Hxsl

HXSL stands for “Haxe Shader Language”

It’s a shader language that follows entirely the OpenGL shader language (GLSL) specification, but which uses Haxe syntax, allowing you to write directly your shader in your Haxe source code.

Vertex shaders are used for transforming and projecting each geometry point into 2D space and set up “variables” that will be interpolated on a per-pixel basis. This can be used by the pixel shader.

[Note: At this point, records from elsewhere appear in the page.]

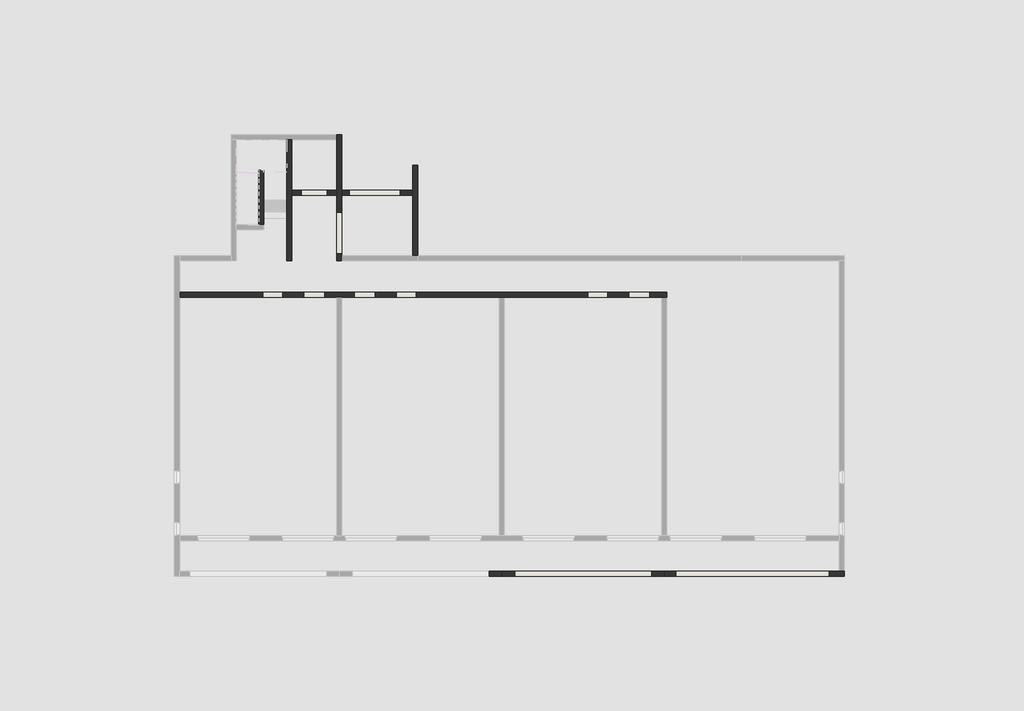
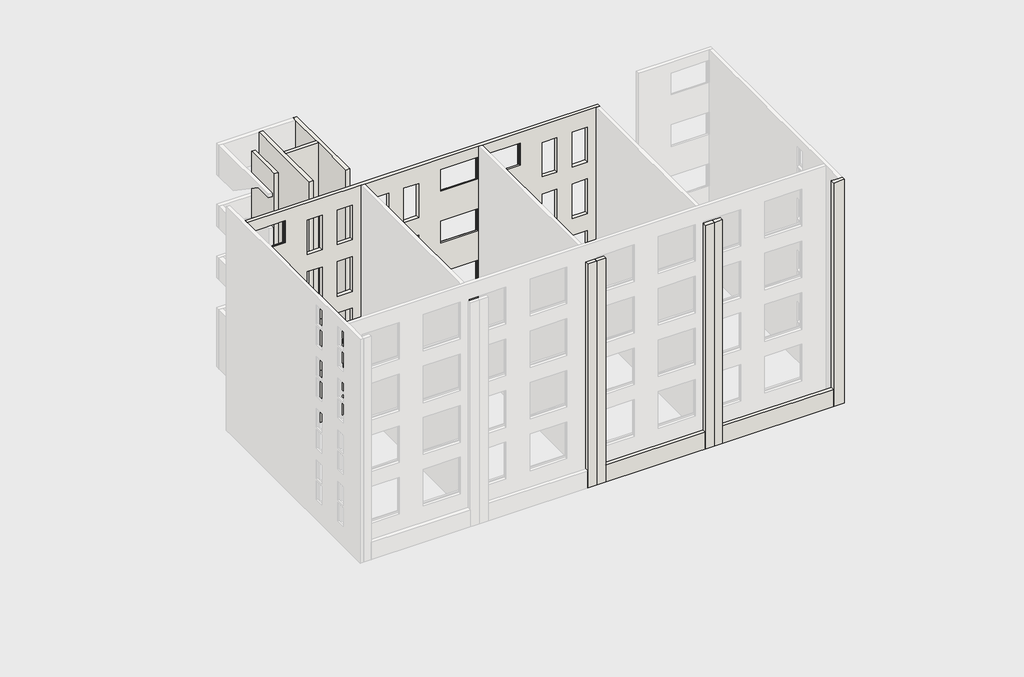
# One storey, part 2 of 5: 14 walls.
"""IFC4 building model written with IfcOpenShell, lengths in millimetres."""

from ifc_helpers import new_model, si_unit, frame, origin, place, context, project, spatial, polyline, outline, extrude, faceted_brep, element, save

model = new_model("IFC4")

# Units and contexts
model_context = context("Model", 3, world=origin())
ifc_project = project(units=[si_unit("LENGTHUNIT", "METRE", prefix="MILLI")], contexts=[model_context])

# Site, building, storey
site = spatial("IfcSite", under=ifc_project)
building = spatial("IfcBuilding", under=site)
storey = spatial("IfcBuildingStorey", under=building, Name="設計GL", Elevation=0.0)

# Walls
placement = place(None, origin())
element("IfcWall", 1, ObjectType="(R)RC200", at=placement, inside=storey, context=model_context, shape_type="Brep", body=[
    faceted_brep([(-11078.7187246, -5800.1171638, -1200.0), (-4828.7187246, -5800.1171638, -1200.0), (-4628.7187246, -5800.1171638, -1200.0), (1621.2812754, -5800.1171638, -1200.0), (1821.2812754, -5800.1171638, -1200.0), (8071.2812754, -5800.1171638, -1200.0), (8271.2812754, -5800.1171638, -1200.0), (8271.2812754, -5800.1171638, -200.0), (8271.2812754, -5800.1171638, 13000.0), (8071.2812754, -5800.1171638, 13000.0), (1821.2812754, -5800.1171638, 13000.0), (1621.2812754, -5800.1171638, 13000.0), (-4628.7187246, -5800.1171638, 13000.0), (-4828.7187246, -5800.1171638, 13000.0), (-11078.7187246, -5800.1171638, 13000.0), (-6978.7187246, -5800.1171638, 1000.0), (-7778.7187246, -5800.1171638, 1000.0), (-7778.7187246, -5800.1171638, 3000.0), (-6978.7187246, -5800.1171638, 3000.0), (-6148.7187246, -5800.1171638, 3020.0), (-5308.7187246, -5800.1171638, 3020.0), (-5308.7187246, -5800.1171638, 1000.0), (-6148.7187246, -5800.1171638, 1000.0), (-8988.7187246, -5800.1171638, 3385.0), (-8988.7187246, -5800.1171638, 2115.0), (-11068.7187246, -5800.1171638, 2115.0), (-11068.7187246, -5800.1171638, 3385.0), (1611.2812754, -5800.1171638, 3385.0), (1611.2812754, -5800.1171638, 2115.0), (-468.7187246, -5800.1171638, 2115.0), (-468.7187246, -5800.1171638, 3385.0), (-3308.7187246, -5800.1171638, 3020.0), (-3308.7187246, -5800.1171638, 1000.0), (-4148.7187246, -5800.1171638, 1000.0), (-4148.7187246, -5800.1171638, 3020.0), (-2478.7187246, -5800.1171638, 1000.0), (-2478.7187246, -5800.1171638, 3000.0), (-1678.7187246, -5800.1171638, 3000.0), (-1678.7187246, -5800.1171638, 1000.0), (3911.2812754, -5800.1171638, 3385.0), (3911.2812754, -5800.1171638, 2115.0), (1831.2812754, -5800.1171638, 2115.0), (1831.2812754, -5800.1171638, 3385.0), (6751.2812754, -5800.1171638, 3020.0), (7591.2812754, -5800.1171638, 3020.0), (7591.2812754, -5800.1171638, 1000.0), (6751.2812754, -5800.1171638, 1000.0), (5921.2812754, -5800.1171638, 1000.0), (5121.2812754, -5800.1171638, 1000.0), (5121.2812754, -5800.1171638, 3000.0), (5921.2812754, -5800.1171638, 3000.0), (3911.2812754, -5800.1171638, 6385.0), (3911.2812754, -5800.1171638, 5115.0), (1831.2812754, -5800.1171638, 5115.0), (1831.2812754, -5800.1171638, 6385.0), (6751.2812754, -5800.1171638, 6020.0), (7591.2812754, -5800.1171638, 6020.0), (7591.2812754, -5800.1171638, 4000.0), (6751.2812754, -5800.1171638, 4000.0), (5921.2812754, -5800.1171638, 4000.0), (5121.2812754, -5800.1171638, 4000.0), (5121.2812754, -5800.1171638, 6000.0), (5921.2812754, -5800.1171638, 6000.0), (1611.2812754, -5800.1171638, 6385.0), (1611.2812754, -5800.1171638, 5115.0), (-468.7187246, -5800.1171638, 5115.0), (-468.7187246, -5800.1171638, 6385.0), (-3308.7187246, -5800.1171638, 6020.0), (-3308.7187246, -5800.1171638, 4000.0), (-4148.7187246, -5800.1171638, 4000.0), (-4148.7187246, -5800.1171638, 6020.0), (-2478.7187246, -5800.1171638, 4000.0), (-2478.7187246, -5800.1171638, 6000.0), (-1678.7187246, -5800.1171638, 6000.0), (-1678.7187246, -5800.1171638, 4000.0), (-8988.7187246, -5800.1171638, 6385.0), (-8988.7187246, -5800.1171638, 5115.0), (-11068.7187246, -5800.1171638, 5115.0), (-11068.7187246, -5800.1171638, 6385.0), (-6148.7187246, -5800.1171638, 6020.0), (-5308.7187246, -5800.1171638, 6020.0), (-5308.7187246, -5800.1171638, 4000.0), (-6148.7187246, -5800.1171638, 4000.0), (-6978.7187246, -5800.1171638, 4000.0), (-7778.7187246, -5800.1171638, 4000.0), (-7778.7187246, -5800.1171638, 6000.0), (-6978.7187246, -5800.1171638, 6000.0), (3911.2812754, -5800.1171638, 9385.0), (3911.2812754, -5800.1171638, 8115.0), (1831.2812754, -5800.1171638, 8115.0), (1831.2812754, -5800.1171638, 9385.0), (6751.2812754, -5800.1171638, 9020.0), (7591.2812754, -5800.1171638, 9020.0), (7591.2812754, -5800.1171638, 7000.0), (6751.2812754, -5800.1171638, 7000.0), (5921.2812754, -5800.1171638, 7000.0), (5121.2812754, -5800.1171638, 7000.0), (5121.2812754, -5800.1171638, 9000.0), (5921.2812754, -5800.1171638, 9000.0), (1611.2812754, -5800.1171638, 9385.0), (1611.2812754, -5800.1171638, 8115.0), (-468.7187246, -5800.1171638, 8115.0), (-468.7187246, -5800.1171638, 9385.0), (-3308.7187246, -5800.1171638, 9020.0), (-3308.7187246, -5800.1171638, 7000.0), (-4148.7187246, -5800.1171638, 7000.0), (-4148.7187246, -5800.1171638, 9020.0), (-2478.7187246, -5800.1171638, 7000.0), (-2478.7187246, -5800.1171638, 9000.0), (-1678.7187246, -5800.1171638, 9000.0), (-1678.7187246, -5800.1171638, 7000.0), (-8988.7187246, -5800.1171638, 9385.0), (-8988.7187246, -5800.1171638, 8115.0), (-11068.7187246, -5800.1171638, 8115.0), (-11068.7187246, -5800.1171638, 9385.0), (-6148.7187246, -5800.1171638, 9020.0), (-5308.7187246, -5800.1171638, 9020.0), (-5308.7187246, -5800.1171638, 7000.0), (-6148.7187246, -5800.1171638, 7000.0), (-6978.7187246, -5800.1171638, 7000.0), (-7778.7187246, -5800.1171638, 7000.0), (-7778.7187246, -5800.1171638, 9000.0), (-6978.7187246, -5800.1171638, 9000.0), (3911.2812754, -5800.1171638, 12385.0), (3911.2812754, -5800.1171638, 11115.0), (1831.2812754, -5800.1171638, 11115.0), (1831.2812754, -5800.1171638, 12385.0), (6751.2812754, -5800.1171638, 12020.0), (7591.2812754, -5800.1171638, 12020.0), (7591.2812754, -5800.1171638, 10000.0), (6751.2812754, -5800.1171638, 10000.0), (5921.2812754, -5800.1171638, 10000.0), (5121.2812754, -5800.1171638, 10000.0), (5121.2812754, -5800.1171638, 12000.0), (5921.2812754, -5800.1171638, 12000.0), (1611.2812754, -5800.1171638, 12385.0), (1611.2812754, -5800.1171638, 11115.0), (-468.7187246, -5800.1171638, 11115.0), (-468.7187246, -5800.1171638, 12385.0), (-3308.7187246, -5800.1171638, 12020.0), (-3308.7187246, -5800.1171638, 10000.0), (-4148.7187246, -5800.1171638, 10000.0), (-4148.7187246, -5800.1171638, 12020.0), (-2478.7187246, -5800.1171638, 10000.0), (-2478.7187246, -5800.1171638, 12000.0), (-1678.7187246, -5800.1171638, 12000.0), (-1678.7187246, -5800.1171638, 10000.0), (-8988.7187246, -5800.1171638, 12385.0), (-8988.7187246, -5800.1171638, 11115.0), (-11068.7187246, -5800.1171638, 11115.0), (-11068.7187246, -5800.1171638, 12385.0), (-6148.7187246, -5800.1171638, 12020.0), (-5308.7187246, -5800.1171638, 12020.0), (-5308.7187246, -5800.1171638, 10000.0), (-6148.7187246, -5800.1171638, 10000.0), (-6978.7187246, -5800.1171638, 10000.0), (-7778.7187246, -5800.1171638, 10000.0), (-7778.7187246, -5800.1171638, 12000.0), (-6978.7187246, -5800.1171638, 12000.0), (8271.2812754, -5600.1171638, -1200.0), (-11078.7187246, -5600.1171638, -1200.0), (-11078.7187246, -5600.1171638, 13000.0), (8271.2812754, -5600.1171638, 13000.0), (8271.2812754, -5600.1171638, -200.0), (-6978.7187246, -5600.1171638, 1000.0), (-6978.7187246, -5600.1171638, 3000.0), (-7778.7187246, -5600.1171638, 3000.0), (-7778.7187246, -5600.1171638, 1000.0), (-6148.7187246, -5600.1171638, 3020.0), (-6148.7187246, -5600.1171638, 1000.0), (-5308.7187246, -5600.1171638, 1000.0), (-5308.7187246, -5600.1171638, 3020.0), (-11038.7187246, -5600.1171638, 2025.0), (-9018.7187246, -5600.1171638, 2025.0), (-9018.7187246, -5600.1171638, 3360.0), (-11038.7187246, -5600.1171638, 3360.0), (-438.7187246, -5600.1171638, 2025.0), (1581.2812754, -5600.1171638, 2025.0), (1581.2812754, -5600.1171638, 3360.0), (-438.7187246, -5600.1171638, 3360.0), (-3308.7187246, -5600.1171638, 3020.0), (-4148.7187246, -5600.1171638, 3020.0), (-4148.7187246, -5600.1171638, 1000.0), (-3308.7187246, -5600.1171638, 1000.0), (-2478.7187246, -5600.1171638, 1000.0), (-1678.7187246, -5600.1171638, 1000.0), (-1678.7187246, -5600.1171638, 3000.0), (-2478.7187246, -5600.1171638, 3000.0), (1861.2812754, -5600.1171638, 2025.0), (3881.2812754, -5600.1171638, 2025.0), (3881.2812754, -5600.1171638, 3360.0), (1861.2812754, -5600.1171638, 3360.0), (6751.2812754, -5600.1171638, 3020.0), (6751.2812754, -5600.1171638, 1000.0), (7591.2812754, -5600.1171638, 1000.0), (7591.2812754, -5600.1171638, 3020.0), (5921.2812754, -5600.1171638, 1000.0), (5921.2812754, -5600.1171638, 3000.0), (5121.2812754, -5600.1171638, 3000.0), (5121.2812754, -5600.1171638, 1000.0), (1861.2812754, -5600.1171638, 5025.0), (3881.2812754, -5600.1171638, 5025.0), (3881.2812754, -5600.1171638, 6360.0), (1861.2812754, -5600.1171638, 6360.0), (6751.2812754, -5600.1171638, 6020.0), (6751.2812754, -5600.1171638, 4000.0), (7591.2812754, -5600.1171638, 4000.0), (7591.2812754, -5600.1171638, 6020.0), (5921.2812754, -5600.1171638, 4000.0), (5921.2812754, -5600.1171638, 6000.0), (5121.2812754, -5600.1171638, 6000.0), (5121.2812754, -5600.1171638, 4000.0), (-438.7187246, -5600.1171638, 5025.0), (1581.2812754, -5600.1171638, 5025.0), (1581.2812754, -5600.1171638, 6360.0), (-438.7187246, -5600.1171638, 6360.0), (-3308.7187246, -5600.1171638, 6020.0), (-4148.7187246, -5600.1171638, 6020.0), (-4148.7187246, -5600.1171638, 4000.0), (-3308.7187246, -5600.1171638, 4000.0), (-2478.7187246, -5600.1171638, 4000.0), (-1678.7187246, -5600.1171638, 4000.0), (-1678.7187246, -5600.1171638, 6000.0), (-2478.7187246, -5600.1171638, 6000.0), (-11038.7187246, -5600.1171638, 5025.0), (-9018.7187246, -5600.1171638, 5025.0), (-9018.7187246, -5600.1171638, 6360.0), (-11038.7187246, -5600.1171638, 6360.0), (-6148.7187246, -5600.1171638, 6020.0), (-6148.7187246, -5600.1171638, 4000.0), (-5308.7187246, -5600.1171638, 4000.0), (-5308.7187246, -5600.1171638, 6020.0), (-6978.7187246, -5600.1171638, 4000.0), (-6978.7187246, -5600.1171638, 6000.0), (-7778.7187246, -5600.1171638, 6000.0), (-7778.7187246, -5600.1171638, 4000.0), (1861.2812754, -5600.1171638, 8025.0), (3881.2812754, -5600.1171638, 8025.0), (3881.2812754, -5600.1171638, 9360.0), (1861.2812754, -5600.1171638, 9360.0), (6751.2812754, -5600.1171638, 9020.0), (6751.2812754, -5600.1171638, 7000.0), (7591.2812754, -5600.1171638, 7000.0), (7591.2812754, -5600.1171638, 9020.0), (5921.2812754, -5600.1171638, 7000.0), (5921.2812754, -5600.1171638, 9000.0), (5121.2812754, -5600.1171638, 9000.0), (5121.2812754, -5600.1171638, 7000.0), (-438.7187246, -5600.1171638, 8025.0), (1581.2812754, -5600.1171638, 8025.0), (1581.2812754, -5600.1171638, 9360.0), (-438.7187246, -5600.1171638, 9360.0), (-3308.7187246, -5600.1171638, 9020.0), (-4148.7187246, -5600.1171638, 9020.0), (-4148.7187246, -5600.1171638, 7000.0), (-3308.7187246, -5600.1171638, 7000.0), (-2478.7187246, -5600.1171638, 7000.0), (-1678.7187246, -5600.1171638, 7000.0), (-1678.7187246, -5600.1171638, 9000.0), (-2478.7187246, -5600.1171638, 9000.0), (-11038.7187246, -5600.1171638, 8025.0), (-9018.7187246, -5600.1171638, 8025.0), (-9018.7187246, -5600.1171638, 9360.0), (-11038.7187246, -5600.1171638, 9360.0), (-6148.7187246, -5600.1171638, 9020.0), (-6148.7187246, -5600.1171638, 7000.0), (-5308.7187246, -5600.1171638, 7000.0), (-5308.7187246, -5600.1171638, 9020.0), (-6978.7187246, -5600.1171638, 7000.0), (-6978.7187246, -5600.1171638, 9000.0), (-7778.7187246, -5600.1171638, 9000.0), (-7778.7187246, -5600.1171638, 7000.0), (1861.2812754, -5600.1171638, 11025.0), (3881.2812754, -5600.1171638, 11025.0), (3881.2812754, -5600.1171638, 12360.0), (1861.2812754, -5600.1171638, 12360.0), (6751.2812754, -5600.1171638, 12020.0), (6751.2812754, -5600.1171638, 10000.0), (7591.2812754, -5600.1171638, 10000.0), (7591.2812754, -5600.1171638, 12020.0), (5921.2812754, -5600.1171638, 10000.0), (5921.2812754, -5600.1171638, 12000.0), (5121.2812754, -5600.1171638, 12000.0), (5121.2812754, -5600.1171638, 10000.0), (-438.7187246, -5600.1171638, 11025.0), (1581.2812754, -5600.1171638, 11025.0), (1581.2812754, -5600.1171638, 12360.0), (-438.7187246, -5600.1171638, 12360.0), (-3308.7187246, -5600.1171638, 12020.0), (-4148.7187246, -5600.1171638, 12020.0), (-4148.7187246, -5600.1171638, 10000.0), (-3308.7187246, -5600.1171638, 10000.0), (-2478.7187246, -5600.1171638, 10000.0), (-1678.7187246, -5600.1171638, 10000.0), (-1678.7187246, -5600.1171638, 12000.0), (-2478.7187246, -5600.1171638, 12000.0), (-11038.7187246, -5600.1171638, 11025.0), (-9018.7187246, -5600.1171638, 11025.0), (-9018.7187246, -5600.1171638, 12360.0), (-11038.7187246, -5600.1171638, 12360.0), (-6148.7187246, -5600.1171638, 12020.0), (-6148.7187246, -5600.1171638, 10000.0), (-5308.7187246, -5600.1171638, 10000.0), (-5308.7187246, -5600.1171638, 12020.0), (-6978.7187246, -5600.1171638, 10000.0), (-6978.7187246, -5600.1171638, 12000.0), (-7778.7187246, -5600.1171638, 12000.0), (-7778.7187246, -5600.1171638, 10000.0), (-8988.7187246, -5730.1171638, 3385.0), (-8988.7187246, -5730.1171638, 2115.0), (-11068.7187246, -5730.1171638, 2115.0), (-11068.7187246, -5730.1171638, 3385.0), (-8998.7187246, -5730.1171638, 2115.0), (-11058.7187246, -5730.1171638, 2115.0), (-11058.7187246, -5730.1171638, 3380.0), (-8998.7187246, -5730.1171638, 3380.0), (-8998.7187246, -5660.1171638, 3380.0), (-8998.7187246, -5660.1171638, 2034.2307692), (-8998.7187246, -5730.1171638, 2045.0), (-11058.7187246, -5730.1171638, 2045.0), (-11058.7187246, -5660.1171638, 2034.2307692), (-11058.7187246, -5660.1171638, 3380.0), (-9018.7187246, -5660.1171638, 2034.2307692), (-11038.7187246, -5660.1171638, 2034.2307692), (-11038.7187246, -5660.1171638, 3360.0), (-9018.7187246, -5660.1171638, 3360.0), (1611.2812754, -5730.1171638, 3385.0), (1611.2812754, -5730.1171638, 2115.0), (-468.7187246, -5730.1171638, 2115.0), (-468.7187246, -5730.1171638, 3385.0), (1601.2812754, -5730.1171638, 2115.0), (-458.7187246, -5730.1171638, 2115.0), (-458.7187246, -5730.1171638, 3380.0), (1601.2812754, -5730.1171638, 3380.0), (1601.2812754, -5660.1171638, 3380.0), (1601.2812754, -5660.1171638, 2034.2307692), (1601.2812754, -5730.1171638, 2045.0), (-458.7187246, -5730.1171638, 2045.0), (-458.7187246, -5660.1171638, 2034.2307692), (-458.7187246, -5660.1171638, 3380.0), (1581.2812754, -5660.1171638, 2034.2307692), (-438.7187246, -5660.1171638, 2034.2307692), (-438.7187246, -5660.1171638, 3360.0), (1581.2812754, -5660.1171638, 3360.0), (3911.2812754, -5730.1171638, 3385.0), (3911.2812754, -5730.1171638, 2115.0), (1831.2812754, -5730.1171638, 2115.0), (1831.2812754, -5730.1171638, 3385.0), (3901.2812754, -5730.1171638, 2115.0), (1841.2812754, -5730.1171638, 2115.0), (1841.2812754, -5730.1171638, 3380.0), (3901.2812754, -5730.1171638, 3380.0), (3901.2812754, -5660.1171638, 3380.0), (3901.2812754, -5660.1171638, 2034.2307692), (3901.2812754, -5730.1171638, 2045.0), (1841.2812754, -5730.1171638, 2045.0), (1841.2812754, -5660.1171638, 2034.2307692), (1841.2812754, -5660.1171638, 3380.0), (3881.2812754, -5660.1171638, 2034.2307692), (1861.2812754, -5660.1171638, 2034.2307692), (1861.2812754, -5660.1171638, 3360.0), (3881.2812754, -5660.1171638, 3360.0), (3911.2812754, -5730.1171638, 6385.0), (3911.2812754, -5730.1171638, 5115.0), (1831.2812754, -5730.1171638, 5115.0), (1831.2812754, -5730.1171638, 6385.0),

Fragment shaders are used for blending different textures and colors into a single pixel color that will be written to screen.

Example:

  1. class MyShader extends hxsl.Shader {
  2. static var SRC = {
  3. @input var input : { position : Vec3, normal : Vec3 };
  4. var output : { position : Vec4, normal : Vec3, color : Vec4 };
  5. var transformedNormal : Vec3;
  6. @param var materialColor : Vec4;
  7. @param var transformMatrix : Mat4;
  8. function vertex() {
  9. output.position = vec4(input.position,1.) * transformMatrix;
  10. transformedNormal = normalize(input.normal * mat3(transformMatrix));
  11. }
  12. function fragment() {
  13. output.color = materialColor;
  14. output.normal = transformedNormal;
  15. }
  16. };
  17. }

This shader defines:

  • an input variable (tagged with @input metadata) which lists the vertex properties that will be accessible in the shader (vertex attributes in GLSL)
  • several @param variables which are per-shader-instance values that will be set for all vertexes (uniforms in GLSL)
  • several variables which can be read/written in shader, here we use output as a name to store each shader stage result and transformedNormal as the value of the vertex normal in absolute world space.

Variable kind

There are several type of variables in HXSL:

  • @input are vertex attributes input values
  • @param are per-shader-instance shader parameters / uniforms
  • @global are defined for multiple shaders
  • @const are constants that will produce a different shader output if changed
  • @var are varying variables that are written in vertex shader and read in pixel shader (optional, hxsl can infer this)
  • @borrow(path.to.other.Shader) are foreign uniform references that were declared in another shader which are usually not accessible outside of it (note that borrowed shader has to be added to the shader list, otherwise runtime shader compilation error will occur).
  • normal untagged variables are “pipeline variables” which can be either shader local vars, varying our output variables depending on the pipeline analysis (see below)

Shader pipeline

Unlike other shader models (GLSL, HLSL, etc.), HXSL allows several shaders to be linked together at runtime, allowing you to split your shader into several distinct effects that can be enabled/disabled easily, without having to maintain a single “Uber Shader” with all the possible combinations.

For instance, this is an shader that will affect all normals based on the previous shader:

  1. class MyEffect extends hxsl.Shader {
  2. static var SRC = {
  3. var transformedNormal : Vec3;
  4. function vertex() {
  5. transformedNormal.x *= -1.;
  6. }
  7. };
  8. }

The effect can be added to each material list of shaders.

HXSL will then compile this list into a single shader instance, based on a desired list of outputs.

For instance, we can select either the output.color or output.normal declared in MyShader to either write the normal value or the color value (or we could select both if we want to write to several textures at once, like in MRT)

After we know the list of the shaders and the desired output, HXSL will be linking the shaders together, ensuring that all variables read have been previously written (for instance MyEffect requires a transformedNormal variable that has been written by another shader in the pipeline).

Once linking is finished, HXSL will be optimizing out all the unused parts, such as:

  • branches implying @const variables are optimized out when they are unreachable
  • unused variables, unused textures, operations not performing any side effect that affects one of the outputs

The final resulting shader will then be compiled to the target platform native shader language (HXSL currently supports GLSL for OpenGL, HLSL for DirectX 11+, AGAL for AdobeAir, and PSSL for Sony PS4).

Shader examples

There are several shader examples available in the h3d.shader package.